Adeline Marie and I lived together for twenty years after my father passed. We taught overseas and traveled the world, from a safari in the Masai Mara to a cruise on the Seine to seeing the pyramids in Egypt.

After she had a massive heart attack while we were living in Baku, Azerbaijan, we returned to the States and eventually bought a house in Evergreen, Colorado.

We lived there for five years, happily I thought, until one evening at the age of 88 Mom, aka Adeline Marie, came into the kitchen where I was making dinner and announced that she planned to move back to her condo in Fort Lauderdale, Florida to fulfill one last dream, that of living independently. Something she’d dreamed of her entire life, but had never experienced as she moved from her mother’s home to her husband’s, to mine.



We were both skeptical at how this exercise in independence would work for someone of her age and inexperience in living solo.

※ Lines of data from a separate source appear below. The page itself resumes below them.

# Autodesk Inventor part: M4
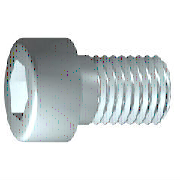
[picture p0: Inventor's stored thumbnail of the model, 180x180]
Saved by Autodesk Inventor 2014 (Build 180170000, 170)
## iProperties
IsCustomPart: 0
Created: 2014-10
Part Number: M4
Material: 강철, 연강
Description: 6각머리 태핑 나사
Document SubType Name: Modeling
Standard: KS B 1003
Designer: KYOUNG IL JANG
Standards Organization: KS
Language: ko-KR
Size Designation: M 4 x 10
Categories: <MemberInstance><Categories><Category DisplayName="조임쇠" InternalName="e4da775c-781d-43d5-af7c-5136215cf5a6" Mnemonic="FSTN"><Category DisplayName="볼트" InternalN
Density: 7.86 g/cm^3
Mass: 2.0371 g
Surface Area: 3.0572 cm^2
Volume: 0.259174 cm^3
Appearance: 검은색 캐스트
Author: SeoGD™ [www.esajin.kr]
Revision Number: 1
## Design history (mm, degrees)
sketch "스케치1"
  geometry: L1 (-1, 0)-(10, 0); L2 (10, 0)-(10, 2); L3 (10, 2)-(1.75, 2); L4 (1.75, 2)-(1.32, 2); L5 (1.32, 2)-(0, 2); L6 (0, 2)-(0, 3.5); L7 (0, 3.5)-(-4, 3.5); L8 (-4, 3.5)-(-4, 1.732); L9 (-4, 1.732)-(-2, 1.732); L10 (-2, 1.732)-(-1, 0); L11 (-6.8, 0)-(12.8, 0) reference; L12 (0, -0.7)-(0, 4.2) reference; L13 (1.75, 2)-(0, 2)
  constraints: 22 end point, 6 parallel, 2 collinear, 2 perpendicular, 1 horizontal, 1 point on line
  dimensions: "d1" = 8.25 distance from line of L3.end L2 (= GEL); "d2" = 0.42952 distance of L4.end L3.end (computed from GAL); "d3" = 4 distance between parallel lines of L8 L6 (= KOH); "d4" = 2 distance of L8.end L9.end (= INTI); "d5" = 60 deg angle of L10 L1; "d6" = 4 diameter of L3 L1 (= GD); "d7" = 4 diameter of L5 L1 (= BDM); "d8" = 3.4641 diameter of L9 L1 (= 1.1547 x SW); "d9" = 7 diameter of L7 L1 (= KOD); "d26" = 10 distance between parallel lines of L12 L2 (= NLG)
revolve "본체" sketch "스케치1" stored, may be unused: angle "d10" = 90 deg
sketch "스케치2"
  geometry: L1 (0, -4.9)-(0, 4.9) reference; L2 (-4.9, 0)-(4.9, 0) reference; L3 (1.732, 0)-(0.866, -1.5); L4 (0.866, -1.5)-(-0.866, -1.5); L5 (-0.866, -1.5)-(-1.732, 0); L6 (-1.732, 0)-(-0.866, 1.5); L7 (-0.866, 1.5)-(0.866, 1.5); L8 (0.866, 1.5)-(1.732, 0); 2 further points
  constraints: 12 end point, 1 coincident, 1 horizontal alignment, 1 point on line, 12 other
extrude "슬롯" join sketch "스케치2" stored distance "d11" = 10; taper "d12" = 0 deg
workplane "Work Plane1"
fillet "Fillet2" dims "d30" = 0.1 (= R)
body "Solid1"
fillet "모깎기1" dims "d17" = 0.4 (= RR)
feature "스레드" dims "d13" = 8.25 (= GEL), "d14" = 0
chamfer "모따기1" distance "d15" = 0.42941 (= -0.5 x SPD + 0.5 x GD); stored, may be unused: second distance "d16" = 0.42941 (= GUL), angle "d27" = 45 deg
other parameters: "GD" = 4 (= NND) [user parameter; used in 2 equation terms], "NLG" = 10 [user parameter; used in 1 equation term], "GEL" = 8.25 [user parameter; used in 2 equation terms], "KOD" = 7 [user parameter; used in 1 equation term], "KOH" = 4 [user parameter; used in 1 equation term], "INTI" = 2 [user parameter; used in 1 equation term], "GAL" = 0.42941 (= 0.61345 x PTC) [user parameter; used in 1 equation term], "GUL" = 0.42941 (= 0.61345 x PTC) [user parameter; used in 1 equation term], "BDM" = 4 (= NND) [user parameter; used in 1 equation term], "SW" = 3 [user parameter; used in 2 equation terms], "RR" = 0.4 [user parameter; used in 1 equation term], "SPD" = 3.14117 (= NND - 1.2269 x PTC) [user parameter; used in 1 equation term], "d19" = 0, "d28" = 0, "d29" = 0, "R" = 0.1 [user parameter; used in 1 equation term], "PHH" = 0.2 [user parameter], "GD1" = 3.14117 (= THREADDIA - 1.2269 x PTC) [user parameter], "THREADDIA" = 4 [user parameter; used in 1 equation term], "FAWI" = 45 deg [user parameter], "TPU" = 14.28571 (computed from PTC) [user parameter], "PTC" = 0.7 [user parameter; used in 5 equation terms], "NND" = 4 [user parameter; used in 3 equation terms], "TOA" = 30 deg [user parameter], "E0" = 3.465 (= 1.155 x SW) [user parameter]
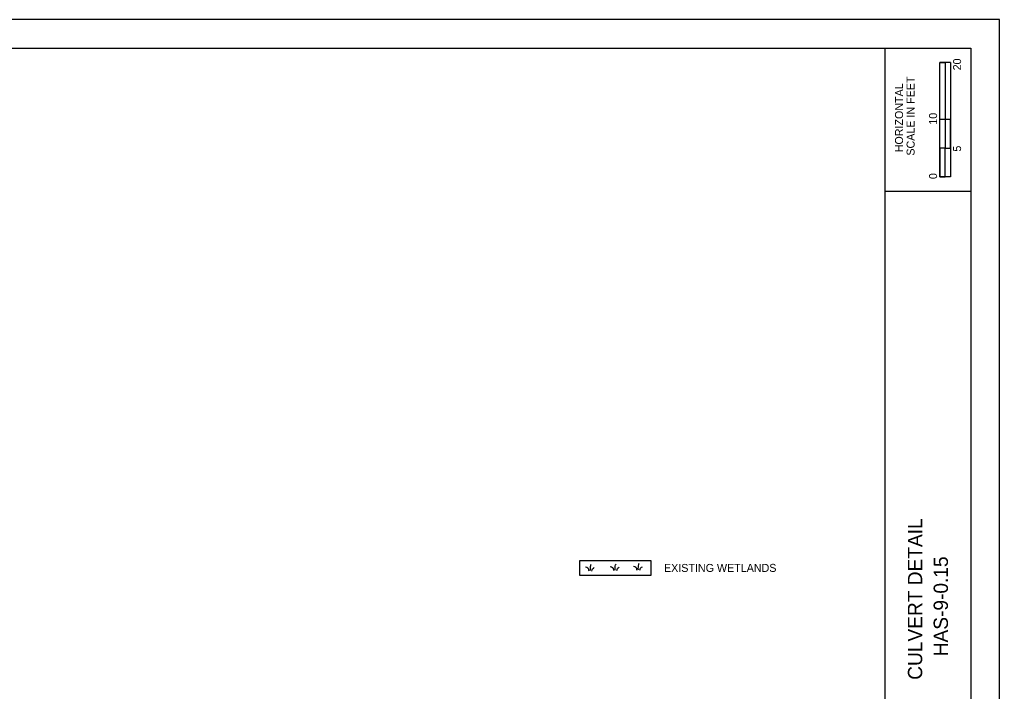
# Model space of a CAD drawing. Extents: x -0.3 to 34, y 0 to 22.
# Drawn here: x 16.87 to 34, y 10.25 to 22 of the extents above; entities that cross this region are included whole.
import ezdxf

# ---------------------------------------------------------------- set-up
doc = ezdxf.new("R2010")
doc.units = 0
for name, color, linetype in [('EV_Ecological_Wetlands', 7, 'Continuous'), ('SH_Border', 7, 'Continuous'), ('SH_Cut_Line', 7, 'Continuous'), ('SH_Data', 7, 'Continuous'), ('SH_Text', 7, 'Continuous')]:
    doc.layers.add(name, color=color, linetype=linetype)

msp = doc.modelspace()

# ---------------------------------------------------------------- linework, layer by layer
at = {"layer": 'EV_Ecological_Wetlands'}
msp.add_lwpolyline([(26.659, 12.535), (26.659, 12.285), (27.909, 12.285), (27.909, 12.535)], close=True, dxfattribs=at)
for points in [[(26.76, 12.43), (26.801, 12.413), (26.819, 12.359)], [(26.847, 12.363), (26.847, 12.411), (26.853, 12.455), (26.862, 12.476)], [(26.875, 12.356), (26.887, 12.395), (26.916, 12.418)], [(27.195, 12.437), (27.236, 12.419), (27.254, 12.366)], [(27.282, 12.37), (27.282, 12.417), (27.288, 12.462), (27.297, 12.483)], [(27.31, 12.363), (27.322, 12.401), (27.351, 12.425)], [(27.599, 12.444), (27.641, 12.426), (27.658, 12.373)], [(27.686, 12.377), (27.686, 12.424), (27.692, 12.469), (27.701, 12.489)], [(27.714, 12.37), (27.726, 12.408), (27.756, 12.432)]]:
    msp.add_spline(points, degree=3, dxfattribs=at)
at = {"layer": 'SH_Border'}
for p, q in [((32, 0.5), (32, 21.5)), ((32, 19), (33.5, 19))]:
    msp.add_line(p, q, dxfattribs=at)
msp.add_lwpolyline([(1.5, 21.5), (33.5, 21.5), (33.5, 0.5), (1.5, 0.5)], close=True, dxfattribs=at)
at = {"layer": 'SH_Cut_Line'}
msp.add_lwpolyline([(0, 0), (34, 0), (34, 22), (0, 22)], close=True, dxfattribs=at)
at = {"layer": 'SH_Data'}
for p, q in [((32.957, 19.25), (32.957, 21.25)), ((33.144, 21.25), (32.957, 21.25)), ((32.957, 20.25), (32.957, 21.25)), ((32.957, 21.25), (33.05, 21.25)), ((33.05, 21.25), (33.051, 21.25)), ((33.051, 21.25), (33.051, 20.25)), ((33.144, 21.25), (33.144, 19.25)), ((33.051, 20.25), (32.957, 20.25)), ((33.143, 20.25), (33.05, 20.25)), ((33.05, 20.25), (33.05, 19.75)), ((33.143, 19.75), (33.143, 20.25)), ((33.05, 19.75), (32.957, 19.75)), ((32.957, 19.75), (32.957, 19.25)), ((33.05, 19.25), (33.05, 19.75)), ((33.05, 19.75), (33.143, 19.75)), ((33.144, 19.25), (32.957, 19.25)), ((32.957, 19.25), (33.05, 19.25))]:
    msp.add_line(p, q, dxfattribs=at)

# ---------------------------------------------------------------- texts
for s, height, p in [('20', 0.14, (33.33, 21.112)), ('SCALE IN FEET', 0.14, (32.517, 19.621)), ('HORIZONTAL', 0.14, (32.315, 19.679)), ('10', 0.14, (32.91, 20.162)), ('5', 0.14, (33.33, 19.691)), ('0', 0.14, (32.91, 19.211)), ('CULVERT DETAIL', 0.25, (32.65, 10.454)), ('HAS-9-0.15', 0.25, (33.1, 10.865))]:
    msp.add_text(s, height=height, rotation=90, dxfattribs=at).set_placement(p)
at = {"layer": 'SH_Text'}
msp.add_text('EXISTING WETLANDS', height=0.14, rotation=0.0251, dxfattribs=at).set_placement((28.135, 12.34))

doc.saveas('drawing.dxf')
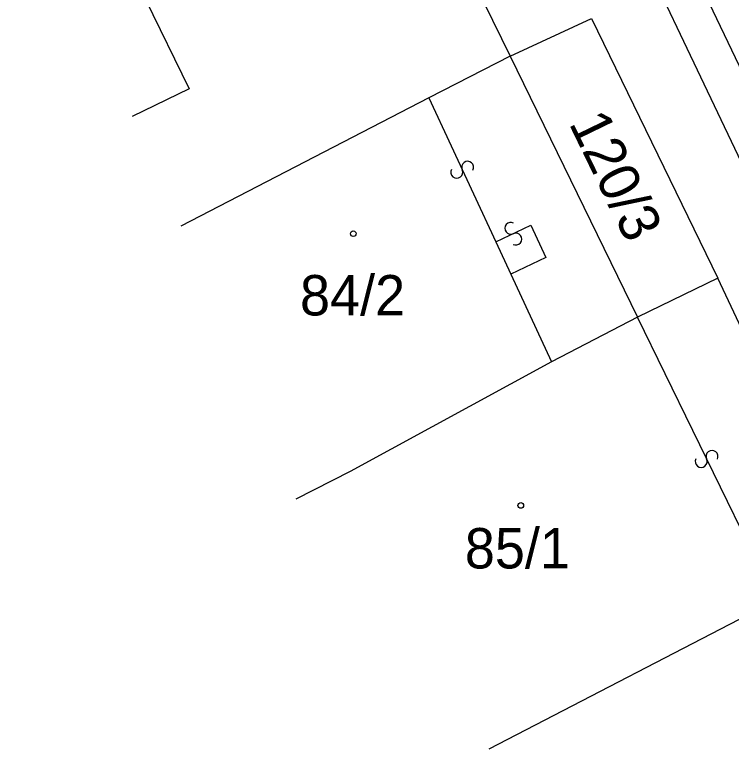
# Model space of a CAD drawing. Extents: x -595692 to -595466, y -1166896 to -1166788.
# Drawn here: x -595685.49 to -595663.31, y -1166868.26 to -1166845.7 of the extents above; entities that cross this region are included whole.
import ezdxf

# ---------------------------------------------------------------- set-up
doc = ezdxf.new("R2010")
doc.units = 0
doc.layers.add('DKM Holásky M 1_500', color=7, linetype='Continuous')

msp = doc.modelspace()

# ---------------------------------------------------------------- linework, layer by layer
at = {"layer": 'DKM Holásky M 1_500'}
for points in [[(-595644.41, -1166886.28), (-595673.03, -1166826.45)], [(-595674.15, -1166826.88), (-595645.66, -1166886.67)], [(-595677.24, -1166832.53), (-595670.16, -1166846.99)], [(-595685.49, -1166836.93), (-595680.09, -1166848)], [(-595670.16, -1166846.99), (-595667.64, -1166845.82)], [(-595667.64, -1166845.82), (-595663.73, -1166853.86)], [(-595670.16, -1166846.99), (-595672.67, -1166848.28)], [(-595670.16, -1166846.99), (-595666.22, -1166855.06)], [(-595680.09, -1166848), (-595681.855, -1166848.854)], [(-595672.67, -1166848.28), (-595680.344, -1166852.248)], [(-595672.67, -1166848.28), (-595670.6, -1166852.73)], [(-595670.6, -1166852.73), (-595669.52, -1166852.22)], [(-595669.52, -1166852.22), (-595669.05, -1166853.22)], [(-595670.6, -1166852.73), (-595670.14, -1166853.73)], [(-595669.05, -1166853.22), (-595670.14, -1166853.73)], [(-595670.14, -1166853.73), (-595668.88, -1166856.45)], [(-595663.73, -1166853.86), (-595666.22, -1166855.06)], [(-595659.61, -1166862.62), (-595663.73, -1166853.86)], [(-595666.22, -1166855.06), (-595668.88, -1166856.45)], [(-595661.94, -1166863.83), (-595666.22, -1166855.06)], [(-595668.88, -1166856.45), (-595675.11, -1166859.84)], [(-595675.11, -1166859.84), (-595676.789, -1166860.695)], [(-595661.94, -1166863.83), (-595670.82, -1166868.43)]]:
    msp.add_lwpolyline(points, dxfattribs=at)
for centre in [(-595675.01, -1166852.48), (-595669.829, -1166860.89)]:
    msp.add_circle(centre, 0.0875, dxfattribs=at)
for centre, radius, start, end in [((-595671.473, -1166850.424), 0.184, 331.9355, 204.4714), ((-595671.808, -1166850.576), 0.184, 152.1848, 23.7689), ((-595670.137, -1166852.313), 0.184, 62.2923, 294.7557), ((-595669.983, -1166852.647), 0.184, 242.6046, 114.7572), ((-595663.913, -1166859.371), 0.185, 333.5767, 205.8787), ((-595664.246, -1166859.529), 0.184, 153.4312, 25.4501)]:
    msp.add_arc(centre, radius, start, end, dxfattribs=at)

# ---------------------------------------------------------------- texts
msp.add_text('120/3', height=1.25, rotation=295.9024, dxfattribs=at).set_placement((-595668.354, -1166849.061))
for s, p in [('84/2', (-595676.66, -1166855.01)), ('85/1', (-595671.56, -1166862.84))]:
    msp.add_text(s, height=1.25, dxfattribs=at).set_placement(p)

doc.saveas('drawing.dxf')

Ironically, and perhaps not surprisingly given my numerous anxieties, her move was harder on me than on her.



Adeline Marie has flourished.

As she nears her 90th birthday, she has created a community. From the moment she opens her shutters in the morning (a signal to her friends and neighbors that she is awake) to the moment she closes them at sunset, (in time to watch “M*A*S*H” reruns) she entertains a cast of characters that would be found only on a sitcom.

They are a motley crew of loners and misfits who, prior to Mom’s arrival, rarely left their apartments or spoke to one another. But now they meet in Mom’s apartment for coffee and occasionally venture out for lunch or dinner in local restaurants. They go to the grocery store for one another, the post office, but their most valuable contribution is the care they give one another.

Mom distributes food, those with culinary talents cook and share with those who run errands. A peck of green peppers from Mom are transformed into sausage and stuffed peppers by Bob, and distributed to those who run errands. They celebrate birthdays and holidays together. Individually they are alone, families gone or far-flung. But here they create a community where each brings time and talent to support one another.

From the age of 8, Mom wanted to be a missionary. And in one capacity or another she has fulfilled that dream. But there is something especially sweet in the way she carries out her mission of living Jesus’ command that we love God and love our neighbors as we love ourselves.

And what of my relationship with Mom since she moved? We are closer than ever.

Our morning calls are brief, inevitably interrupted by a knock on her door, her called greeting to the newest arrival in the parade of characters who stop by each day, and a hasty goodbye to me.

Our evening phone calls after the final visitor has left, are long and thoughtful as she is no longer distracted.

During these calls I tell Mom about my day, my triumphs and disappointments. She is a stalwart pillar of strength, my constant encouragement.

When I’ve had a particularly frustrating day, I’ll ask her if she ever gets tired of propping me up. And she replies, “I am Aaron to your Moses.”

The example Adeline cites is a short and sweet passage from the Bible:

“Moses said to Joshua, ‘Choose some of our men and go out to fight the Amalekites. Tomorrow I will stand on top of the hill with the staff of God in my hands.’

“So Joshua fought the Amalekites as Moses had ordered, and Moses, Aaron and Hur went to the top of the hill. As long as Moses held up his hands, the Israelites were winning, but whenever he lowered his hands, the Amalekites were winning. When Moses’ hands grew tired, they took a stone and put it under him and he sat on it. Aaron and Hur held his hands up — one on one side, one on the other — so that his hands remained steady till sunset.” (Exodus 17:9-12)

This Bible passage will remind me of Mom’s remarkable love for the rest of my life.

As I walk to the library this morning, it occurs to me that it’s also a fine example of how God often works in the world.

I ask God for a miracle when my problems seem insurmountable and divine intervention the only viable solution.

Through Mom’s and Moses’ example, I discover God frequently employs other people to hold us up so we can complete our task. By doing so, God demonstrates our interdependence not only to him but to each other.

As we are helped in our weakness, someone else discovers their strength. As we step outside of ourselves to give to someone, we discover not only our generosity, but our abundance.

In our community, both within our intimate circle of friends and the wider Summit County, we are called each day to be both Moses and Aaron for one another.

When we open our hearts and minds to God’s guidance, we discover new opportunities to give of ourselves, to ask for help, to love and be loved.

As we accept this daily gift, we become missionaries in the fields of the Lord and the love we sow returns to us and those we help in a harvest of love, charity and hope.

This is how we flourish. This is how we becomes God’s miracles on Earth.